## Task prompt
Write out the data again in full, exactly as it reads.

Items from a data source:
_ _ _ _
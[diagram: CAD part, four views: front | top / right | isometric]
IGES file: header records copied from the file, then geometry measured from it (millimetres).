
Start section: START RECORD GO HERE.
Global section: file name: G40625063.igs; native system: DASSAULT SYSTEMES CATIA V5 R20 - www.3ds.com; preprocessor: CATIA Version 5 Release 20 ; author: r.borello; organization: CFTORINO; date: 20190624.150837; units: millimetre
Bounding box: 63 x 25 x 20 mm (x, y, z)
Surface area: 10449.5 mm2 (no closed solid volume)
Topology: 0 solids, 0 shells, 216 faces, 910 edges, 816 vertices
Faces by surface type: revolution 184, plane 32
_ _ _ _
## Task output
[diagram: CAD part, four views: front | top / right | isometric]
IGES file: header records copied from the file, then geometry measured from it (millimetres).
Start section: START RECORD GO HERE.
Global section: file name: G40625063.igs; native system: DASSAULT SYSTEMES CATIA V5 R20 - www.3ds.com; preprocessor: CATIA Version 5 Release 20 ; author: r.borello; organization: CFTORINO; date: 20190624.150837; units: millimetre
Bounding box: 63 x 25 x 20 mm (x, y, z)
Surface area: 10449.5 mm2 (no closed solid volume)
Topology: 0 solids, 0 shells, 216 faces, 910 edges, 816 vertices
Faces by surface type: revolution 184, plane 32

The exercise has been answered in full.